An dem Kerl ist auch nicht gerade ein Innenarchitekt verlorengegangen.
Er schaute wieder zu dem alten Mann hin. »Das erklärt aber nicht, warum Sie uns erwartet haben.«
    Carroll sah ihn nur an, eine leise Andeutung von Belustigung blitzte in seinen Augen auf.
    Currie ging in seiner Vorstellung eine Liste mit Bildern durch, um das zu finden, an das er sich erinnert fühlte, und hatte es schnell. Der schlaue Alte, der sich produziert, einer, der alles schon mal gesehen hat.
Du machst mir keinen Eindruck, Kleiner
.
    »Wir fanden Ihre Akte interessant. Es gibt da einige eigenartige Ähnlichkeiten. Doch das haben Sie ja bestimmt schon bemerkt, oder? Da Sie so gut beobachten.«
    Carroll lächelte, und seine Lippen verschwanden nahezu. »Das erklärt aber nicht, wieso Sie sich meine Akte ansehen. Haben wir vielleicht einen Anruf erhalten?«
    Swann ging zur Wand hinüber und gab einem Stoß Zeitungen einen Schubs mit dem Fuß. Carrolls Blick zuckte zu ihm hinüber, genauso schnell wie die Spinne, die Currie sich vorgestellt hatte. Swann lächelte.
    »Gibt es hier drin etwas, über das wir Bescheid wissen sollten, Frank?«
    »Jede Menge
Nachrichten aus aller Welt
.« Er sprach die Worte so langsam aus, als seien sie ihm nicht vertraut.

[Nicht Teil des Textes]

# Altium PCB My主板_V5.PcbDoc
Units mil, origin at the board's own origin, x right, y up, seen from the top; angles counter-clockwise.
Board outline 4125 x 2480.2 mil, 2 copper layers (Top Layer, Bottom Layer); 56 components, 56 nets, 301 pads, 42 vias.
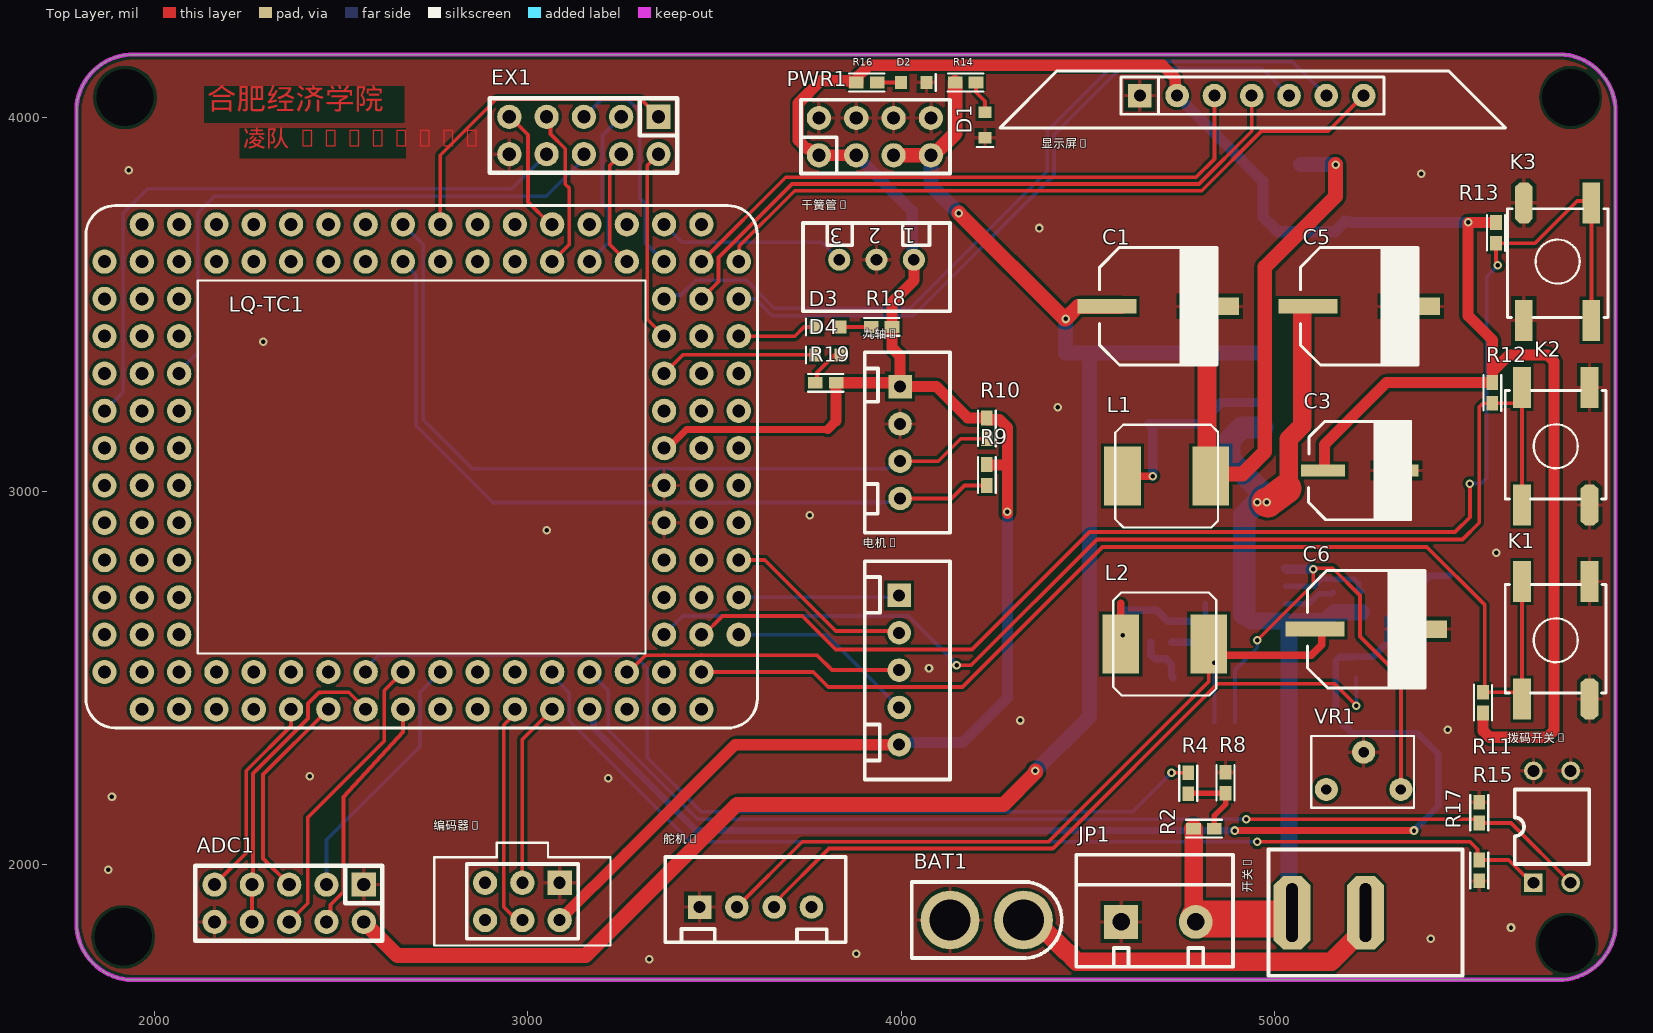
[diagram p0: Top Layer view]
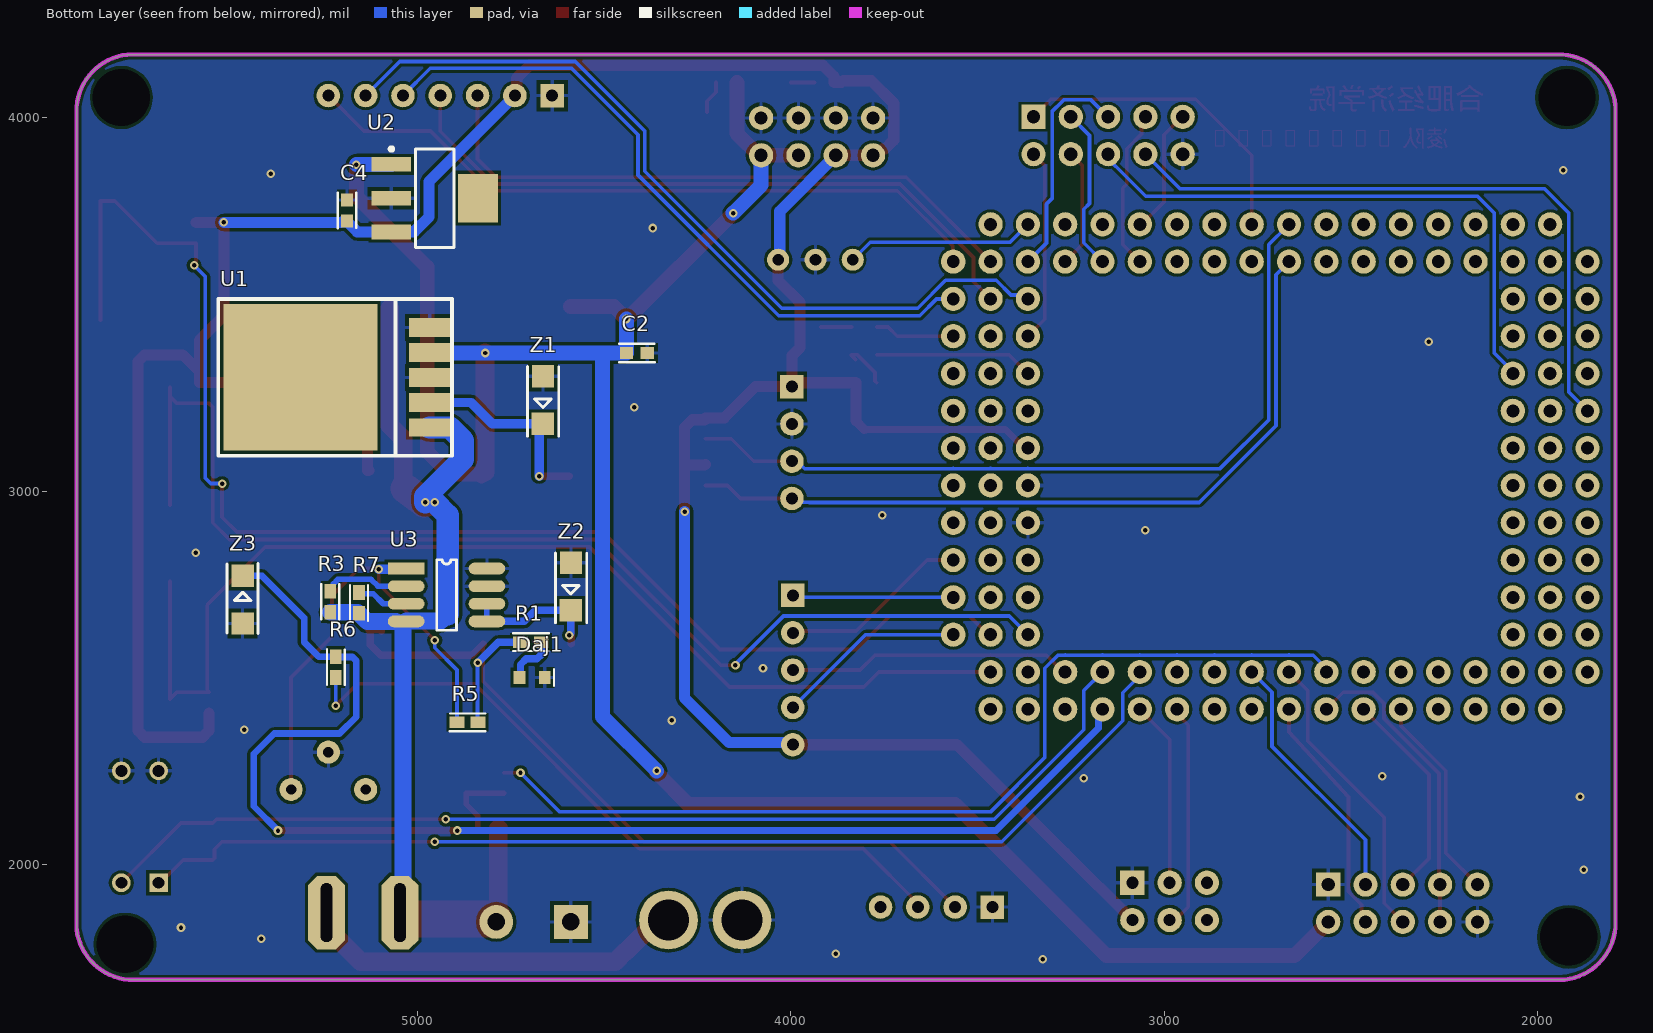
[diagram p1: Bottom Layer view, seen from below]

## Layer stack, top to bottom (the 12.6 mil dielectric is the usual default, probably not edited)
Top Solder: solder mask 0.4, Solder Resist, Dk 3.5
Top Layer: signal copper 1.4
Dielectric 1: dielectric 12.6, FR-4, Dk 4.8
Bottom Layer: signal copper 1.4
Bottom Solder: solder mask 0.4, Solder Resist, Dk 3.5

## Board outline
1790,1830 ccw(c1943.01,1842.73) 1925.4,1690.2 1925.4,1689.8 5775,1689.8 5775,1690 ccw(c5762.27,1843.01) 5914.8,1825.4 5915,1825.4 5915,4030 ccw(c5761.99,4017.27) 5779.6,4169.8 5779.6,4170 1930,4170 ccw(c1942.73,4016.99) 1790.2,4034.6 1790,4034.6

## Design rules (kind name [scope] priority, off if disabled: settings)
Clearance [All] p1: gap=8 ignorepadtopadclearanceinfootprint=FALSE
PolygonConnect [All] p1: thpad.connectstyle=Relief thpad.reliefconductorwidth=10 thpad.reliefentries=4 thpad.polygonreliefangle="90 Angle" thpad.airgapwidth=10 smdpad.connectstyle=Relief smdpad.reliefconductorwidth=10 smdpad.reliefentries=4 smdpad.polygonreliefangle="90 Angle" smdpad.airgapwidth=10 via.connectstyle=Direct via.reliefconductorwidth=10 via.reliefentries=4 via.polygonreliefangle="90 Angle" via.airgapwidth=10
RoutingVias [All] p1: holewidth=12 width=25 viastyle="Through Hole" minholewidth=12 minwidth=22 maxholewidth=12 maxwidth=50
SolderMaskExpansion [All] p1: expansion=4 istentingtop=FALSE
Width 12V [InNetClass('12V')] p1: maxlimit=100 minlimit=10 preferedwidth=50
Width 5V [InNetClass('5V')] p2: maxlimit=100 minlimit=10 preferedwidth=40
Width 3.3V [InNetClass('3.3V')] p3: maxlimit=100 minlimit=10 preferedwidth=30
Width [All] p4: maxlimit=100 minlimit=10 preferedwidth=10
30 further rules are at their usual default settings.

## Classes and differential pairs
net class 3.3V: 3.3V
net class 5V: 5V
net class 12V: BAT12V VCC12V

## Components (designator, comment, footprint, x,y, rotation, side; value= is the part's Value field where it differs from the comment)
ADC1 "双排针2*5 2.5mm" LQ_IDC5X2 2560,1945 r180 top
BAT1 "XT30UPB-M公头" LQ_XT30UPB-F 4230,1850 r180 top
C1 "470uf/16V  8*10" LQ_C8X10 4690,3495 r180 top
C2 "104nF" LQ_C0603 4441,3370 r180 bottom value=104
C3 "470uf/10V  6.3*7.7" LQ_C6d3X7d7 5230,3055 r180 top
C4 "104nF" LQ_C0603 5190,3780 r270 bottom value=104
C5 "220uf/16V  8*10" LQ_C8X10 5228.43,3495 r180 top
C6 "470uf/16V  8*10" LQ_C8X10 5247.2,2630 r180 top
D1 "LED红" LQ_LED0603R 4225,4015 r270 top
D2 "LED红" LQ_LED0603R 4000,4095 r0 top
D3 "LED红" LQ_LED0603R 3838,3440 r180 top
D4 "LED红" LQ_LED0603R 3838,3365 r180 top
Daj1 "LED红" LQ_LED0603R 4728,2500 r180 bottom
EX1 "单排针2*5-2.54mm" LQ_IDC5X2 3350,4003 r180 top
JP1 "HDR-1X2" KF301-5.0-2P 4790,1845 r0 top
K1 "微动开关6*6*6" LQ_BT4SMT 5755,2600 r180 top
K2 "微动开关6*6*6" LQ_BT4SMT 5755,3120 r180 top
K3 "微动开关6*6*6" LQ_BT4SMT 5760,3615 r0 top
L1 "33uH" LQ_L7X7 4593.78,3040 r0 top
L2 "33uH" LQ_L7X7 4588.78,2590 r0 top
LQ-TC1 "LQ-TC264-SYSVC" LQ-TC264-SYSVC-S 1965,2415 r0 top
PWR1 "双排针4X2-2.54" LQ_IDC4X2 3780,3900 r90 top
R1 "3K3" LQ_R0603 4669,2595 r0 bottom
R2 "4.7K" LQ_R0603 4784,2095 r0 top
R3 "1K" LQ_R0603 5235,2731 r270 bottom
R4 "2K" LQ_R0603 4770,2245 r270 top
R5 "1K" LQ_R0603 4895,2380 r180 bottom
R6 "2K" LQ_R0603 5220,2556 r270 bottom
R7 "2.7K" LQ_R0603 5158,2672 r90 bottom
R8 "1K" LQ_R0603 4870,2190 r90 top
R9 "2.2K" LQ_R0603 4230,3071 r270 top
R10 "2.2K" LQ_R0603 4230,3140 r90 top
R11 "1K" LQ_R0603 5560,2461 r270 top
R12 "1K" LQ_R0603 5585,3235 r90 top
R13 "1K" LQ_R0603 5595,3664 r90 top
R14 "1K" LQ_R0603 4145,4095 r0 top
R15 "2.2K" LQ_R0603 5550,2110 r90 top
R16 "1K" LQ_R0603 3880,4095 r0 top
R17 "2.2K" LQ_R0603 5550,2011 r270 top
R18 "1K" LQ_R0603 3976,3440 r180 top
R19 "1K" LQ_R0603 3826,3290 r180 top
U1 "LM2596CS-5.0V" LQ_TO-263-5 4968.54,3170.35 r90 bottom
U2 "LM39100 3.3V" SOT223_M 4955,3785 r180 bottom
U3 "AS1015" SOP8 5031.54,2792.24 r180 bottom
VR1 "2k" lq_3266 5140,2200 r0 top
Z1 "1N5824" LQ_1206D 4664.61,3307.56 r270 bottom
Z2 "1N5824" LQ_1206D 4589.61,2807.56 r270 bottom
Z3 "ZMM3V3" LQ_1206D 5470,2645 r90 bottom
九轴1 "插针1*4" LQ_XH254-4P 4017.05,3280 r270 top
干簧管1 "XH254-3P" LQ_XH254-3P 4034.37,3620 r180 top
开关1 "KCD1-101 117S" "LQ_KCD1-101 117S" 5245,1870 r0 top
拨码开关1 "SW-DIP2" DIP4 5695,1950 r90 top
显示屏1 "单排座1*7-2.54" LQ-TFT-180V33 4940,4060 r0 top
电机1 "XH254-4P" LQ_XH254-5P 3995,2520 r270 top
编码器1 "双排针2*3 2.54mm" LQ_ENCODER 3085,1950 r180 top
舵机1 "插针1*4-2.54" LQ_XH254-4P 3460,1904.68 r0 top

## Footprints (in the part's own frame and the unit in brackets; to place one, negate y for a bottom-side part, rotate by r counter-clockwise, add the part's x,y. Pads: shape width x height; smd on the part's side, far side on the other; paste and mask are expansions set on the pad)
DIP4 [mil]
  rect 50x50 hole 32: 1(0,0)
  round 50 hole 32: 2(0,-100) 3(300,-100) 4(300,0)
  silkscreen extent 50,-150 250,50, body extent -45,-170 345,70, height 276
KF301-5.0-2P [mm]
  rect 2.3x2.3 hole 1.2: 1(-5.08,0)
  round 2.3 hole 1.2: 2(0,0)
  silkscreen extent -8.13,-3.05 2.54,4.57, body extent -7.95,-3 2.55,4.6, height 10.05
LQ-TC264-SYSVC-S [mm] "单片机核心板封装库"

    »Nachrichten sind faszinierend«, stimmte Swann zu. »Je älter, desto besser. Haben Sie vor, etwas aus Pappmaché zu basteln oder so?«
    »Hier ist nichts Illegales, wenn Sie das meinen«, sagte Carroll. »Wieso sollte so was da sein?«
    Currie sagte: »Weil Sie kleine Mädchen mögen. Oder zumindest mochten. Fünfzehn Jahre, verkürzt auf zehn. Ich war ziemlich entsetzt, als ich die Akte las. Ihre eigene Tochter, Frank.«
    Er hatte auch ein Foto von Mary Carroll in der Akte gesehen. Sie sah wesentlich jünger aus als fünfzehn. Als das Bild aufgenommen wurde, trug sie ein weißes T-Shirt, und ihr Gesicht war eingefallen und hager, mit dunklen Ringen unter den verängstigten Augen. Eines war fast zugeschwollen. Ihr strähniges blondes Haar sah aus, als sei es schon seit einer Woche nicht gewaschen oder gekämmt worden.
    »Ich habe keine Tochter«, sagte Carroll.
    »Traurigerweise für Ihre Tochter haben Sie doch eine«, sagte Currie. »Und auch einen Sohn. Obwohl ich bezweifle, dass Sie von den beiden Geburtstagskarten bekommen. Kommt das oft vor?«
    »Für mich sind sie tot.«
    »Na, wir wissen ja alle, was Sie ihr angetan haben.«
    Carroll wendete sich ihm langsam zu.